Major grains & oilseeds markets
Funds and speculators reportedly sold about 8 myn tonnes of beans between the December 6th’ and January 3rd’, mostly in the latter part of December. This together with a cancelation of 900,000 tonnes by China (supposedly) set a bearish tone to soybeans – which closed under $10.00 (which had been the support level for the market). Funds bought some of their wheat short in and corn followed wheat to be higher over the Holidays.
Cash trade this past week was very light, and only Algeria’s buying of wheat was of significance.
China did little buying and they will continue to be out of the market as the Chinese New year celebrations start. This will leave oilseed markets on the defensive until the end of January.
A fresh WASDE report is due for release on January 12, which the trade assumes will prove supportive.

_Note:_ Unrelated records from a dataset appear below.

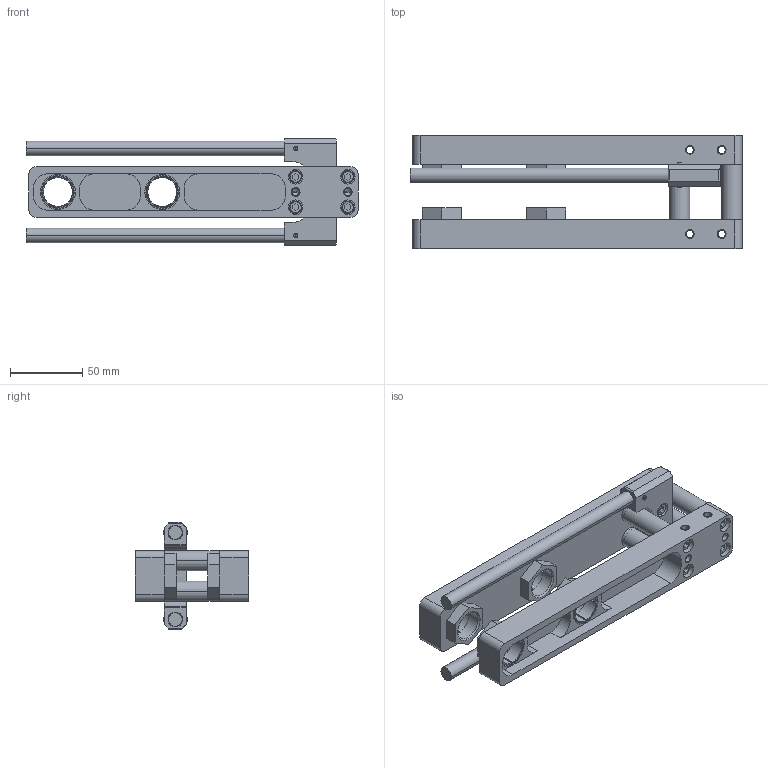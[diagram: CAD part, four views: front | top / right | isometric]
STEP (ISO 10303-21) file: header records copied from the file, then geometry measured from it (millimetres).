
FILE_DESCRIPTION((''),'2;1');
FILE_NAME('0000425399_ASM','2021-12-06T10:30:39',('pdmservice'),(''),'CREO PARAMETRIC BY PTC INC, 2018420','CREO PARAMETRIC BY PTC INC, 2018420','');
FILE_SCHEMA(('AUTOMOTIVE_DESIGN { 1 0 10303 214 1 1 1 1 }'));
Length unit declared in the file: millimetre
Products named in the file (12): 0000420901_PRT; 0000301301_PRT; 0000421063_PRT; 0000411897_PRT; 0000425389_PRT; 0000434688_PRT; 0000420915_PRT; 0000049906_PRT; 0000039435_PRT; 0000039031_PRT; 0000026015_PRT; 0000425399_ASM
Assembly tree (37 placements, depth 2):
  0000425399_ASM
    0000420901_PRT
    0000301301_PRT  x10
    0000421063_PRT  x4
    0000411897_PRT
    0000425389_PRT
    0000434688_PRT  x2
    0000420915_PRT  x4
    0000049906_PRT  x4
    0000039435_PRT  x4
    0000039031_PRT  x2
    0000026015_PRT  x4
Bounding box: 229 x 78 x 74 mm (x, y, z)
Volume: 261795.6 mm3; surface area: 150597.6 mm2
Topology: 37 solids, 79 shells, 880 faces, 2076 edges, 1352 vertices
Faces by surface type: cylinder 384, plane 380, cone 88, torus 28
Entity records: 25857 total; most frequent: CARTESIAN_POINT 3163, DIRECTION 2728, ORIENTED_EDGE 2132, PROPERTY_DEFINITION 1316, REPRESENTATION 1298, PROPERTY_DEFINITION_REPRESENTATION 1298, EDGE_CURVE 1130, DESCRIPTIVE_REPRESENTATION_ITEM 1116

- The markets reportedly broke on fund selling; however, it should be noted that funds still have a large long position, and that some of the bean selling was related to wheat buying – as funds were long soybeans/ short wheat as a straddle position. Note the funds bought in 4.3 myn tonnes of wheat futures.
- The canola market followed soybeans lower, and without fund action, the Winnipeg market was in the hands of the companies whose interests were for lower futures. Volume in Winnipeg was quite low, but the lower prices helped crushers and exporters to price “basis” contracts at lower levels.
- Good movement to Thunder Bay continues; canola remains competitively priced for EU usage. In the EU canola oil continues to be priced at $915.00USF/MT.
- Canola is also still well-priced for China, and sales will take place as soon as their New Year festivities end.
- Year-to-date exports now exceed exports for the previous year, and we expect to see them continue to increase if canola remains at such a good discount to soybeans. YTD crush is 14% ot 500k mt ahead of last year’s.
- The week 20 & 21 CGC Canadian Grain Handling report shows that at 5.8 million mt, this crop year’s Canadian wheat exports lag last year’s wheat exports to date by a significant 1.54 million mt or 21%.
- Using the same report, we note that durum exports lag last years by 221k mt or 12%.
- At the same time, US wheat exports are ~33% ahead of last year’s pace.
- We have a fairly neutral attitude towards the wheat market right now. On the one hand, big wheat stocks and expanding acres are keeping a ceiling on the market, while weather, changes in Fund positions and shorts create a floor to the market.
- Crops in Morocco and western Algeria reportedly were “vastly improved over last year”, and current winter grain yield prospects are expected to show y/y gains as well. Winter wheat prospects In Tunisia were termed as gd/ex – despite dryness there.
- Grains will follow wheat for the time being – unless we see more concerns regarding South American weather conditions. The December stocks will be released this week; they will be looked at carefully for confirmation of crop size and usage.
- Pea markets are relatively quiet, which is what we expect for early January. Having said that, we are impressed that yellow pea values have held steady, while at the same time the values of major grains have been under pressure. We think the biggest reason is that YTD exports of peas have been very solid and are almost 40% ahead of last year’s pace. This is because India has been an exceptionally good buyer of peas YTD (+21% over last year), as has China (+59% over last year), and we have also seen some additional demand from the burgeoning pea fraction business and from the pet food business.
- The sentiment of the lentil market is different from the sentiment in the pea market. For one, export performance has not been as good as for peas. We have recently caught up on bulk exports relative to last year, but total exports including container shipments (as of Nov. 30/’16; latest available destination export data) are behind those of last year by 11% or (143k mt) in spite of the bigger 2016 crop.
- Nothing new here.
- Canaryseed exports are 12% behind last year’s exports, though Mexico is right on pace. However, shipments to Belgium (EU) are 36% smaller than last year. Brazil is becoming less and less significant to our market.